Chapters 4 and 5 of Julie
Dirksen’s Design for How People Learn
covered how human memory works and principles for gaining and retaining
attention. Dirksen covers the basics of human memory, including the different
levels of memory—sensory, short-term (or working), and long-term—and types of
memory—declarative, episodic, conditioned, procedural, and flashbulb. The one
facet about human memory that Dirksen failed to mention that is particularly
important is how long-term memory can act as an initial filter. That facet is
one of the more important distinctions between the brain and the oft-used
metaphor of a computer. The computer may store information for later use on the
hard drive, like the brain encodes memories in long-term memory, but the
information stored on the hard drive does not act like a filter for future information.
Unfortunately, that is how the brain works. When confronted with new
information that does not conform to our existing thinking, we either suffer
cognitive dissonance (which can lead to learning as we try to make sense of the
new information) or ignore the new information. The three videos on the Minds of Our Own site demonstrate this principle about why teaching often
fails. One of the videos, for instance, on photosynthesis and trees, asks how
trees build their mass. I have to admit that I was fooled by that one too,
thinking that trees build their mass by pulling resources out of the soil. I
knew that trees and plants absorb carbon dioxide but could not articulate that
the carbon dioxide is converted into a tree’s mass. If you watch that video,
“Lessons From Thin Air,” you will see a student do the exact same thing,
completing a lesson without learning that gases have weight.
It is not just counter-intuitive
information that can get missed. Because sensory memory must first be processed
through the reticular
activating system (RAS) and amygdala—the
reptilian, lower, quick-response brain—new information that does not agree with
an existing mental model may also cause an irrational reaction. Once again, the
new information is not processed because it is perceived as a threat and can
cause a stressed, even angry, response, no matter the veracity of the information.
That also forms part of Dirksen’s metaphorical elephant.

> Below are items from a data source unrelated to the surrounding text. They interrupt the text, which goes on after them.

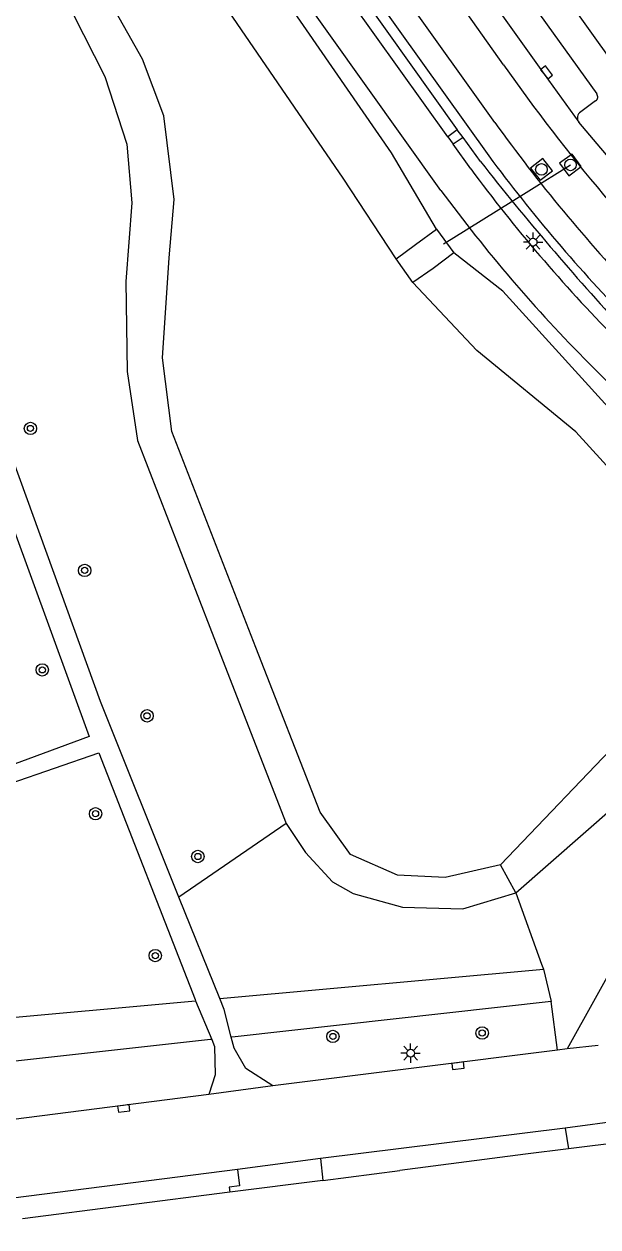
# Model space of a CAD drawing. Extents: x 136000 to 138005, y 398500 to 400500.
# Drawn here: x 137696.2 to 137733.2, y 399477 to 399554.7 of the extents above; entities that cross this region are included whole.
import ezdxf

# ---------------------------------------------------------------- set-up
doc = ezdxf.new("R2010")
doc.units = 0
for name, color, linetype in [('gg-afsc-hekwerk', 7, 'Continuous'), ('gg-knt-verharding', 7, 'Continuous'), ('gg-knt-verharding nz', 7, 'Continuous'), ('gg-kntw-bovenkant insteek waterloop', 7, 'Continuous'), ('gg-kntw-waterlijn', 7, 'Continuous'), ('gg-kwrk-duiker nz buis', 7, 'Continuous'), ('gg-kwrk-uitstroombak niveau min 01', 7, 'Continuous'), ('gt-grn-groengrens', 7, 'Continuous'), ('gt-grn-vlakafsluiter', 7, 'Continuous'), ('gt-symb-boom', 7, 'Continuous'), ('gt-symb-kolk', 7, 'Continuous'), ('gt-symb-lichtmast', 7, 'Continuous'), ('gt-symb-rioolschacht', 7, 'Continuous')]:
    doc.layers.add(name, color=color, linetype=linetype)

# ---------------------------------------------------------------- blocks, each defined once
blk = doc.blocks.new('gt0-LMAST')
at = {"layer": 'gt-symb-lichtmast'}
for p, q in [((-0.182, 0.173), (-0.447, 0.438)), ((-0.005, 0.246), (-0.005, 0.621)), ((0.172, 0.173), (0.437, 0.438)), ((-0.255, -0.004), (-0.63, -0.004)), ((-0.182, -0.181), (-0.447, -0.446)), ((-0.005, -0.254), (-0.005, -0.629)), ((0.437, -0.446), (0.172, -0.181)), ((0.245, -0.004), (0.62, -0.004))]:
    blk.add_line(p, q, dxfattribs=at)
blk.add_circle((-0.005, -0.004), 0.25, dxfattribs=at)
blk = doc.blocks.new('gt0-RS')
at = {"layer": 'gt-symb-rioolschacht'}
blk.add_lwpolyline([(-0.5, -0.5), (0.5, -0.5), (0.5, 0.5), (-0.5, 0.5)], close=True, dxfattribs=at)
blk.add_circle((0, 0), 0.375, dxfattribs=at)
blk = doc.blocks.new('gt0-KOLK')
at = {"layer": 'gt-symb-kolk'}
blk.add_lwpolyline([(0, 0), (0.375, 0), (0.375, 0.4), (-0.375, 0.4), (-0.375, 0), (0, 0)], dxfattribs=at)
blk = doc.blocks.new('gt0-BOOM')
at = {"layer": 'gt-symb-boom'}
for radius in [0.4, 0.2]:
    blk.add_circle((0, 0), radius, dxfattribs=at)

msp = doc.modelspace()

# ---------------------------------------------------------------- linework, layer by layer
at = {"layer": 'gg-afsc-hekwerk'}
msp.add_line((137728.522, 399481.735), (137720.409, 399480.678), dxfattribs=at)
at = {"layer": 'gg-knt-verharding'}
for p, q in [((137716.815, 399572.974), (137733.127, 399550.187)), ((137727.112, 399552.074), (137713.302, 399571.541)), ((137726.547, 399548.353), (137711.142, 399569.951)), ((137709.864, 399568.985), (137726.156, 399546.192)), ((137723.504, 399547.421), (137717.232, 399556.209)), ((137717.864, 399556.648), (137724.117, 399547.882)), ((137733.05, 399549.745), (137732.085, 399549.04)), ((137724.117, 399547.882), (137723.504, 399547.421)), ((137736.542, 399542.944), (137731.956, 399548.374)), ((137724.501, 399547.368), (137723.863, 399546.939)), ((137724.992, 399545.35), (137723.863, 399546.939)), ((137725.614, 399545.831), (137724.501, 399547.368)), ((137750.102, 399515.004), (137732.629, 399532.788)), ((137708.795, 399491.778), (137706.16, 399498.331)), ((137736.788, 399498.582), (137731.207, 399488.528)), ((137709.076, 399491.078), (137708.795, 399491.778)), ((137707.232, 399491.636), (137708.27, 399489.144)), ((137709.536, 399489.285), (137709.076, 399491.078)), ((137730.593, 399488.451), (137712.221, 399486.144)), ((137731.207, 399488.528), (137730.593, 399488.451)), ((137731.084, 399483.415), (137715.29, 399481.451)), ((137731.084, 399483.415), (137731.306, 399482.074)), ((137715.29, 399481.451), (137715.448, 399480.041)), ((137709.942, 399480.753), (137681.565, 399477.124))]:
    msp.add_line(p, q, dxfattribs=at)
for points in [[(137706.16, 399498.331), (137701.086, 399510.951), (137690.652, 399539.746), (137680.457, 399564.329), (137676.726, 399573.802), (137665.844, 399601.079), (137656.435, 399625.611), (137647.054, 399650.269)], [(137723.07, 399543.961), (137694.341, 399584.226), (137672.696, 399614.651)], [(137715.347, 399578.524), (137735.6, 399550.176), (137756.149, 399529.385)], [(137714.808, 399572.538), (137716.434, 399570.205), (137723.099, 399560.767), (137729.731, 399551.457), (137731.956, 399548.374)], [(137670.762, 399561.016), (137678.918, 399563.929), (137689.168, 399539.379), (137700.372, 399508.691), (137692.017, 399505.623)], [(137692.379, 399504.678), (137700.984, 399507.64), (137707.201, 399491.71), (137707.232, 399491.636)], [(137708.27, 399489.144), (137708.462, 399488.683), (137708.504, 399486.849), (137708.085, 399485.59)], [(137712.221, 399486.144), (137710.481, 399487.263), (137709.719, 399488.571), (137709.536, 399489.285)], [(137708.085, 399485.59), (137677.311, 399481.642), (137625.298, 399474.915)], [(137709.942, 399480.753), (137710.071, 399479.679), (137709.399, 399479.613), (137709.443, 399479.271)]]:
    msp.add_lwpolyline(points, dxfattribs=at)
for centre, radius, start, end in [((137821.31, 399617.851), 114.891, 214.92605, 225.49164), ((137732.885, 399550.001), 0.305, 302.77632, 37.45925), ((137732.355, 399548.642), 0.481, 124.145, 213.93082), ((137809.749, 399607.89), 102.309, 215.58663, 223.69806), ((137809.666, 399607.98), 103.883, 216.49751, 224.27832), ((137806.93, 399605.922), 101.896, 216.47307, 224.52895), ((137869.173, 399658.753), 182.649, 218.18816, 222.6547), ((137802.536, 399602.272), 98.565, 216.27074, 224.82619)]:
    msp.add_arc(centre, radius, start, end, dxfattribs=at)
at = {"layer": 'gg-knt-verharding nz'}
for p, q in [((137724.501, 399547.368), (137724.117, 399547.882)), ((137723.504, 399547.421), (137723.863, 399546.939)), ((137733.208, 399488.761), (137731.207, 399488.528)), ((137712.221, 399486.144), (137708.085, 399485.59)), ((137741.087, 399484.741), (137731.084, 399483.415)), ((137715.29, 399481.451), (137709.942, 399480.753))]:
    msp.add_line(p, q, dxfattribs=at)
at = {"layer": 'gg-kntw-bovenkant insteek waterloop'}
for p, q in [((137708.795, 399491.778), (137729.692, 399493.674)), ((137729.692, 399493.674), (137730.171, 399491.581))]:
    msp.add_line(p, q, dxfattribs=at)
for points in [[(137722.773, 399541.462), (137719.874, 399546.395), (137712.365, 399557.277), (137705.094, 399565.912), (137697.452, 399578.407), (137682.181, 399600.298), (137676.505, 399605.142)], [(137674.407, 399601.25), (137682.201, 399579.494), (137686.219, 399570.838), (137688.966, 399566.859), (137692.592, 399562.536), (137697.093, 399558.378), (137699.315, 399555.378), (137701.375, 399551.313), (137702.801, 399546.951), (137703.12, 399543.163), (137702.721, 399538.078), (137702.82, 399532.271), (137703.488, 399527.822), (137708.812, 399514.044), (137713.086, 399503.09)], [(137744.226, 399517.86), (137740.009, 399523.191), (137727.068, 399537.453), (137723.89, 399539.92)], [(137727.909, 399498.606), (137738.683, 399508.052), (137744.359, 399514.97)], [(137713.086, 399503.09), (137714.317, 399501.221), (137716.075, 399499.322), (137717.395, 399498.574), (137720.59, 399497.691), (137724.485, 399497.583), (137727.909, 399498.606)], [(137650.788, 399486.514), (137707.23, 399491.636), (137707.232, 399491.636)], [(137730.171, 399491.581), (137709.786, 399489.313), (137709.536, 399489.285)], [(137708.27, 399489.144), (137708.205, 399489.137), (137648.385, 399482.481)]]:
    msp.add_lwpolyline(points, dxfattribs=at)
at = {"layer": 'gg-kntw-waterlijn'}
msp.add_line((137739.488, 399513.584), (137726.921, 399500.413), dxfattribs=at)
for points in [[(137720.18, 399539.534), (137716.746, 399544.752), (137709.401, 399555.494), (137694.538, 399576.444), (137687.946, 399587.605), (137681.151, 399598.41), (137678.427, 399602.609)], [(137726.921, 399500.413), (137723.337, 399499.593), (137720.273, 399499.758), (137717.234, 399501.077), (137715.283, 399503.825), (137711.119, 399514.443), (137705.703, 399528.387), (137705.105, 399533.147), (137705.527, 399539.599), (137705.853, 399543.363), (137705.186, 399548.778), (137703.805, 399552.44), (137701.633, 399556.306), (137697.74, 399561.453), (137692.594, 399567.331), (137688.352, 399573.019), (137685.029, 399579.976), (137679.763, 399592.078), (137675.94, 399601.74)], [(137740.291, 399516.663), (137738.838, 399520.632), (137731.768, 399528.374), (137725.392, 399533.623), (137721.249, 399538.012)]]:
    msp.add_lwpolyline(points, dxfattribs=at)
at = {"layer": 'gg-kwrk-duiker nz buis'}
msp.add_line((137728.75, 399543.942), (137731.428, 399545.608), dxfattribs=at)
msp.add_lwpolyline([(137723.224, 399540.503), (137723.729, 399540.817), (137728.75, 399543.942)], dxfattribs=at)
at = {"layer": 'gg-kwrk-uitstroombak niveau min 01'}
for p, q in [((137721.417, 399540.474), (137722.773, 399541.462)), ((137722.773, 399541.462), (137723.89, 399539.92)), ((137720.18, 399539.534), (137721.417, 399540.474)), ((137723.89, 399539.92), (137722.575, 399538.925)), ((137721.249, 399538.012), (137720.18, 399539.534)), ((137722.575, 399538.925), (137721.249, 399538.012))]:
    msp.add_line(p, q, dxfattribs=at)
at = {"layer": 'gt-grn-groengrens'}
for p, q in [((137727.909, 399498.606), (137726.921, 399500.413)), ((137727.909, 399498.606), (137729.567, 399494.004)), ((137729.567, 399494.004), (137729.692, 399493.674)), ((137730.593, 399488.451), (137730.171, 399491.581)), ((137731.306, 399482.074), (137728.522, 399481.735)), ((137715.448, 399480.041), (137720.409, 399480.678)), ((137709.443, 399479.271), (137696.057, 399477.555))]:
    msp.add_line(p, q, dxfattribs=at)
at = {"layer": 'gt-grn-vlakafsluiter'}
for p, q in [((137713.086, 399503.09), (137706.16, 399498.331)), ((137740.078, 399483.198), (137731.306, 399482.074)), ((137715.448, 399480.041), (137709.443, 399479.271))]:
    msp.add_line(p, q, dxfattribs=at)

# ---------------------------------------------------------------- block references
at = {"layer": 'gt-symb-boom'}
for p in [(137696.574, 399528.592), (137700.075, 399519.425), (137697.338, 399513.003), (137704.1, 399510.037), (137700.775, 399503.715), (137707.379, 399500.953), (137704.63, 399494.555), (137716.094, 399489.334), (137725.728, 399489.557)]:
    msp.add_blockref('gt0-BOOM', p, dxfattribs=at)
at = {"layer": 'gt-symb-kolk'}
for p, rotation in [((137729.731, 399551.457), -51.85818391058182), ((137724.141, 399487.64), -172.8479592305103), ((137702.574, 399484.883), -172.68479919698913)]:
    msp.add_blockref('gt0-KOLK', p, dxfattribs=dict(at, rotation=rotation))
at = {"layer": 'gt-symb-lichtmast'}
for p in [(137729.02, 399540.623), (137721.115, 399488.259)]:
    msp.add_blockref('gt0-LMAST', p, dxfattribs=at)
at = {"layer": 'gt-symb-rioolschacht'}
for p, rotation in [((137731.428, 399545.608), -53.591712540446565), ((137729.554, 399545.316), -51.82917645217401)]:
    msp.add_blockref('gt0-RS', p, dxfattribs=dict(at, rotation=rotation))

doc.saveas('drawing.dxf')

Judy Willis, who is the source
for the previous point on the RAS and amygdala, was a neurologist, who actually
went back to school to became a teacher, because she was receiving so many
referrals to check for behavioural problems in what turned out to be normal,
healthy children. It turned out the schools were the problem, and that involves
one more point that I wanted to make in parallel with Dirksen’s metaphor on the
elephant and the rider that I don’t think Dirksen articulated well. While the
human survival instinct is often labelled as the “fight or flight” response,
Willis actually expands that to the
fight/flight/freeze mechanism. That makes sense
if we think of the “deer caught in headlights” phenomenon. The amygdala’s
version of “freezing” in an educational context is “zoning out.” Thus, if a
lesson is boring, the amygdala blocks the information from the prefrontal
cortex (Dirksen’s rider) and “zones out.” This is one of two sources of “zoning
out,” though. As Daniel Willingham says in the first chapter of Why Don’t Students Like School, “Humans
don’t think very often because our brains are designed not for thought but for
the avoidance of thought.” Thinking is hard work. The executive function of the
prefrontal cortex will erode over time and lead as well to “zoning out.” The
brain must stop paying attention to new information (attention span) to
replenish the executive function. These “brain breaks” allow for the
consolidation of the new information.
So, if the first case of “zoning out,” Dirksen’s metaphorical elephant
has not been engaged. However, I think it’s also important to understand that
no matter how much the elephant is engaged, the rider will still need to take
breaks, the second case of “zoning out.”